> [Task brief]:
Pull each line containing "millimetres" out of the data and copy it.

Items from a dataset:
====
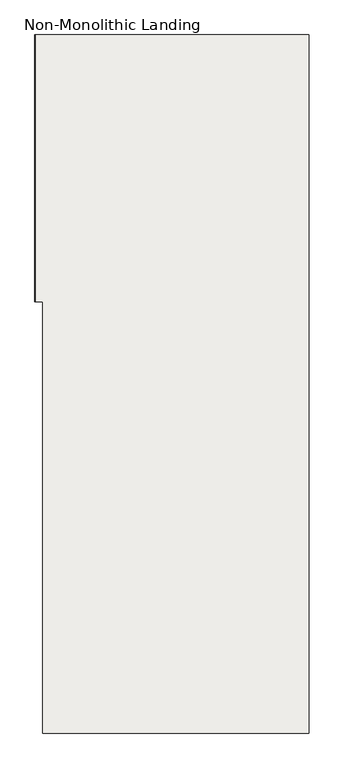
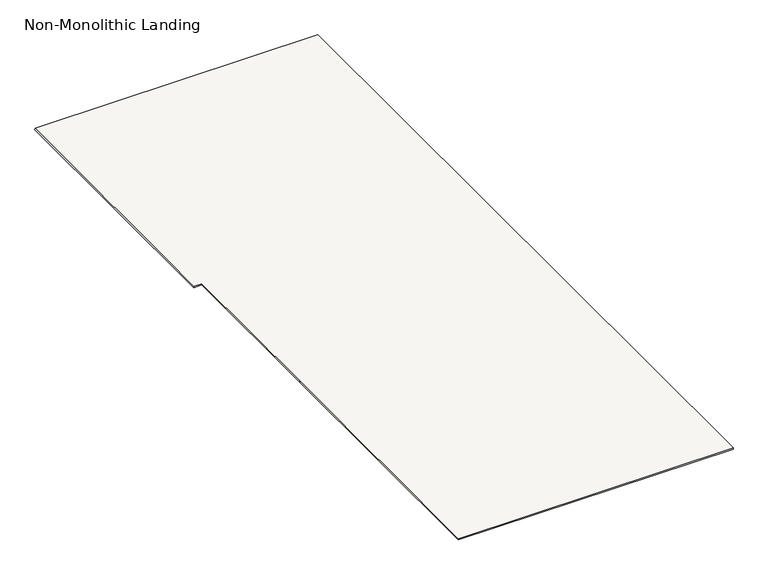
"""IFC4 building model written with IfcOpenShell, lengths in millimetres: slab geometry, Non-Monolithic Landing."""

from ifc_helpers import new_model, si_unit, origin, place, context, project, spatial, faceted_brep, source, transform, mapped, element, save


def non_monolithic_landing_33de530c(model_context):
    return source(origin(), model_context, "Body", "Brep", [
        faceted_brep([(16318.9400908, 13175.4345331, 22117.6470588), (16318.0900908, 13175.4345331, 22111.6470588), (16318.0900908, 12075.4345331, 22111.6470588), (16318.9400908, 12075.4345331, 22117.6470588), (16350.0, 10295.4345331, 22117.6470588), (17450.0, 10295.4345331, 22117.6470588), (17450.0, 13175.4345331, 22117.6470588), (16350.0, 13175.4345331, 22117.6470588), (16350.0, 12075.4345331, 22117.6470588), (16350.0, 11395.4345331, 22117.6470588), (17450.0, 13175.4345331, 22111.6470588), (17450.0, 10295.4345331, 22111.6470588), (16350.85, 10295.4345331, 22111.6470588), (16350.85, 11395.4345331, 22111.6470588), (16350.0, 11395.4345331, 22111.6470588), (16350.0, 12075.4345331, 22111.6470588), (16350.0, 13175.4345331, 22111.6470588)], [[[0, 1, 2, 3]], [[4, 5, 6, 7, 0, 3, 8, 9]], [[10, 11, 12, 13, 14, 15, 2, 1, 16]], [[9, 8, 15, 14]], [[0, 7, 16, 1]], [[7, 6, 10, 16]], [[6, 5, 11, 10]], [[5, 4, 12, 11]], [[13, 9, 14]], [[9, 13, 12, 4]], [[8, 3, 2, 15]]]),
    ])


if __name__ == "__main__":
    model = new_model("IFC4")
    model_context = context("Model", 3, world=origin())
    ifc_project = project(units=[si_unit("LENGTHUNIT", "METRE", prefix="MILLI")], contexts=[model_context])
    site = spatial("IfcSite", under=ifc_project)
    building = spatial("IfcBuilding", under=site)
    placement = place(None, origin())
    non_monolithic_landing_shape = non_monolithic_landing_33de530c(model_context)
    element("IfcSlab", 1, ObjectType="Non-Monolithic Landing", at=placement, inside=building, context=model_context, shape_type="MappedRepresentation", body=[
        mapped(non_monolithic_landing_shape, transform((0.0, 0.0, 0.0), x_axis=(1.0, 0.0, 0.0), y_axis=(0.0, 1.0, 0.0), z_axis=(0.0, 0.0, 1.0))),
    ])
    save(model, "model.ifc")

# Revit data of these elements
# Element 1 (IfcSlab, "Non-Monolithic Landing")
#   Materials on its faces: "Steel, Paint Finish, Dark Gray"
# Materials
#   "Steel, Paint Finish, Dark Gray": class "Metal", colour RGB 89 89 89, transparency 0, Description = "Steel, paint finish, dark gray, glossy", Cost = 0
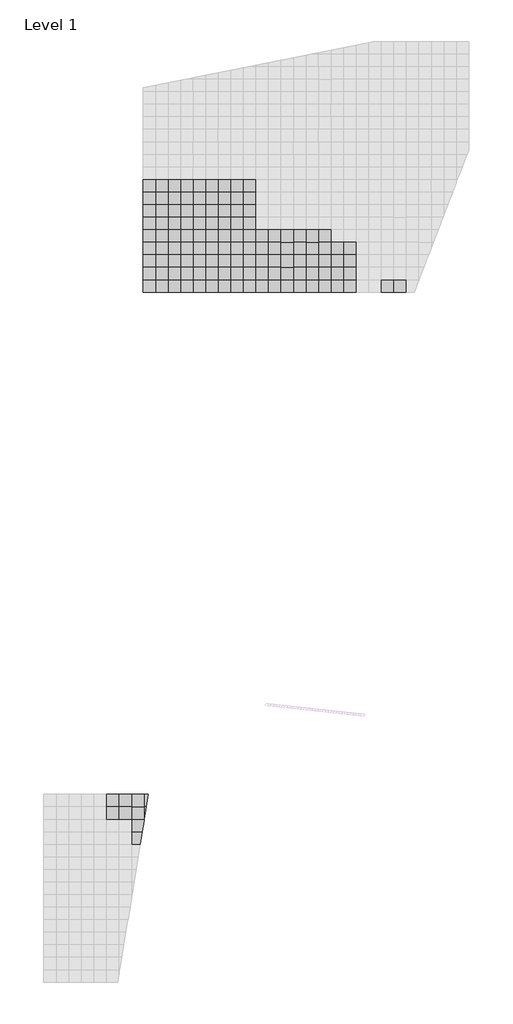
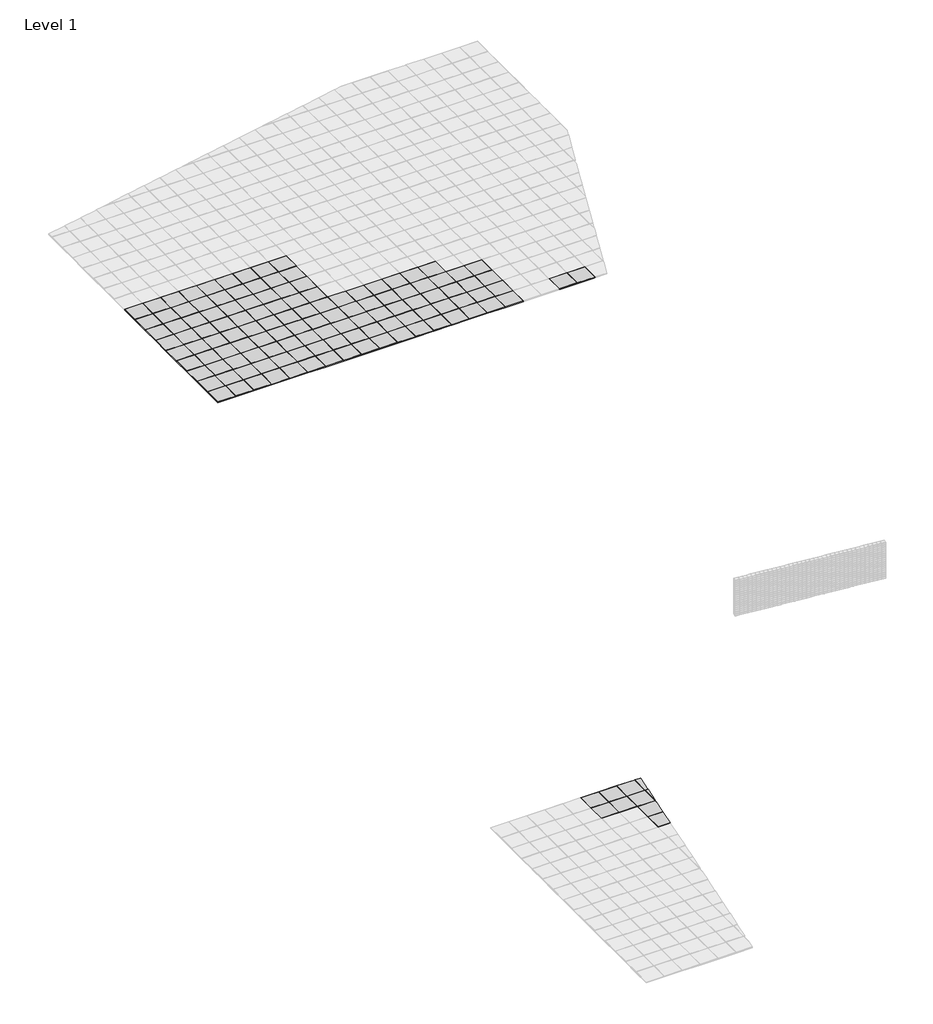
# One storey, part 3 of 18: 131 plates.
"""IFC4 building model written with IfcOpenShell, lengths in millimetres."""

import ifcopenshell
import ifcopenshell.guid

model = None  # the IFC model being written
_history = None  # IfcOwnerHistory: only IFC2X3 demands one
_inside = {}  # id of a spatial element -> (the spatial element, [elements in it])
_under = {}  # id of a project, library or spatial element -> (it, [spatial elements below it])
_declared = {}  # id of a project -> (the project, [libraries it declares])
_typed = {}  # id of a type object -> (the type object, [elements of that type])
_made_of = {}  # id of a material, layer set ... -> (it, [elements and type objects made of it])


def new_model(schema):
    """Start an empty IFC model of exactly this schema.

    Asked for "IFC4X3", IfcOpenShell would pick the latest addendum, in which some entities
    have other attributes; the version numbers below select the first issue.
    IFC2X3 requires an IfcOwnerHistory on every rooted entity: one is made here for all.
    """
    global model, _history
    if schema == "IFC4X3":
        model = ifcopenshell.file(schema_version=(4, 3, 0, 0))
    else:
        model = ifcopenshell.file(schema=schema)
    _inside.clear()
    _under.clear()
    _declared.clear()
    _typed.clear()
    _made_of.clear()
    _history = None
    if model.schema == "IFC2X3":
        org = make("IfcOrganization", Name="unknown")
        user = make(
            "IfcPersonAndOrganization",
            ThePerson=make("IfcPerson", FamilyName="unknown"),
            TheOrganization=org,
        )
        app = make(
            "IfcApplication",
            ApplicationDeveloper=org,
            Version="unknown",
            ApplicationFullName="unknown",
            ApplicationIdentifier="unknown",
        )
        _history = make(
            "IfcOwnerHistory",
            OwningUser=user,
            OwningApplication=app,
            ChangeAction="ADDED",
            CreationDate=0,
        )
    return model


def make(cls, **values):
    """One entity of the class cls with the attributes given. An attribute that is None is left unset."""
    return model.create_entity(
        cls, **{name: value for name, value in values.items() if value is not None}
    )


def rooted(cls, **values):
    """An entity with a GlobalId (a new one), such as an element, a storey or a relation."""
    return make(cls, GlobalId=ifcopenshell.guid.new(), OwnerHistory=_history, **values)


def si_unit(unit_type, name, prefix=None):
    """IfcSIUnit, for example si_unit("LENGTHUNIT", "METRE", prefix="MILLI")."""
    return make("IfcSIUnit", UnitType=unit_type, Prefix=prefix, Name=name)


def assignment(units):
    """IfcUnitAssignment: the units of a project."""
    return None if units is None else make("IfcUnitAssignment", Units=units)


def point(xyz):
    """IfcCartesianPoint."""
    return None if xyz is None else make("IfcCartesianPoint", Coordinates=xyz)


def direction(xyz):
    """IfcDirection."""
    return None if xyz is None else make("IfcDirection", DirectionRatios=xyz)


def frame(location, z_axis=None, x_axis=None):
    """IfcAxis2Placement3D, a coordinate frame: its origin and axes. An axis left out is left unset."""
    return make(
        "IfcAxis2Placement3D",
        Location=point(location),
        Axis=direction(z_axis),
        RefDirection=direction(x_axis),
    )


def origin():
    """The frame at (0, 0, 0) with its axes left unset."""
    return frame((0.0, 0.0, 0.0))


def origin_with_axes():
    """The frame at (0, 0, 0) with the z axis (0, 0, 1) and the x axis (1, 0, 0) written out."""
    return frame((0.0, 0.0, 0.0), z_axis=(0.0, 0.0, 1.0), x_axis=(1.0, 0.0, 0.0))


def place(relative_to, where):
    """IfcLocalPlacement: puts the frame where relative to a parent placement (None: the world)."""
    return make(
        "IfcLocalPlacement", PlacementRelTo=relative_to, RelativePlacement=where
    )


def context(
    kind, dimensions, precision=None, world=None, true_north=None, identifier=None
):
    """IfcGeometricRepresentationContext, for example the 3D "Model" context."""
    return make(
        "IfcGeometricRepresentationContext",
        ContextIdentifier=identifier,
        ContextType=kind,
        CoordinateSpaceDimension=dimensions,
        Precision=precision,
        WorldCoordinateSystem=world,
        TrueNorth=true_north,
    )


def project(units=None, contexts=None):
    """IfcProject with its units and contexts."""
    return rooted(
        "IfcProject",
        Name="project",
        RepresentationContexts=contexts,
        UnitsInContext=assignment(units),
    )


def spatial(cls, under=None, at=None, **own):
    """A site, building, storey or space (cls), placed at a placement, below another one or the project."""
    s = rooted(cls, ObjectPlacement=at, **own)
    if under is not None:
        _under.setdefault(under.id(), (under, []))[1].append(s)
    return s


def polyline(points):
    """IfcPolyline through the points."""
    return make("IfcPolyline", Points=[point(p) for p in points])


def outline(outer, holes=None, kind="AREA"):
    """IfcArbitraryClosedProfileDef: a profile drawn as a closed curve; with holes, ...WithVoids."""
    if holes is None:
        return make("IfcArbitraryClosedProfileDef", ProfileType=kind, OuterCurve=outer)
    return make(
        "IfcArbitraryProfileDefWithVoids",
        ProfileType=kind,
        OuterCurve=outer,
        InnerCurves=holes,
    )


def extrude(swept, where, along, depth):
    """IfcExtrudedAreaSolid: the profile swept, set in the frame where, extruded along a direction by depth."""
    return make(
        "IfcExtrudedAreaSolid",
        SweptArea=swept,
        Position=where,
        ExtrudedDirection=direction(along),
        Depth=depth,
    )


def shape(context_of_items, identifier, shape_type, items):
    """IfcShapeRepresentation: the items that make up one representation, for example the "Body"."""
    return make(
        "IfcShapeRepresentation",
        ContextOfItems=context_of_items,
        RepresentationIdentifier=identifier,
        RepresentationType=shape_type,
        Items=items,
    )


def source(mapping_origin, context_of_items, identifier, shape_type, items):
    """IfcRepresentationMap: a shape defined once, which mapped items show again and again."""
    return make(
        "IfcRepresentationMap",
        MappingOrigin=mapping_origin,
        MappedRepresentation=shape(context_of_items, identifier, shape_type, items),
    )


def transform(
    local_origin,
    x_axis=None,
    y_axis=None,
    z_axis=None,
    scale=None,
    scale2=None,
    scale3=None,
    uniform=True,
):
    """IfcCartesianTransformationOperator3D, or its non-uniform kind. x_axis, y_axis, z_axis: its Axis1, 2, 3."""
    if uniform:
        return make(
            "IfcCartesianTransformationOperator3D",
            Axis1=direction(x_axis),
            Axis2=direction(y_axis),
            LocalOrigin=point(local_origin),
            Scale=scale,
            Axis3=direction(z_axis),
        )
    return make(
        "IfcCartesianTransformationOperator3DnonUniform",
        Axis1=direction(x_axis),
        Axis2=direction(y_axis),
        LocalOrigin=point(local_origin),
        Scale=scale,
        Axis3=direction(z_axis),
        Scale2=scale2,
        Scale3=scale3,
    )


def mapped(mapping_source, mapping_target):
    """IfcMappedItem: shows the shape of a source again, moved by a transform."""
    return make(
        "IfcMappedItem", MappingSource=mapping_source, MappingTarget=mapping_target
====
> [Answer section]:
"""IFC4 building model written with IfcOpenShell, lengths in millimetres: slab geometry, Non-Monolithic Landing."""
"""IFC4 building model written with IfcOpenShell, lengths in millimetres."""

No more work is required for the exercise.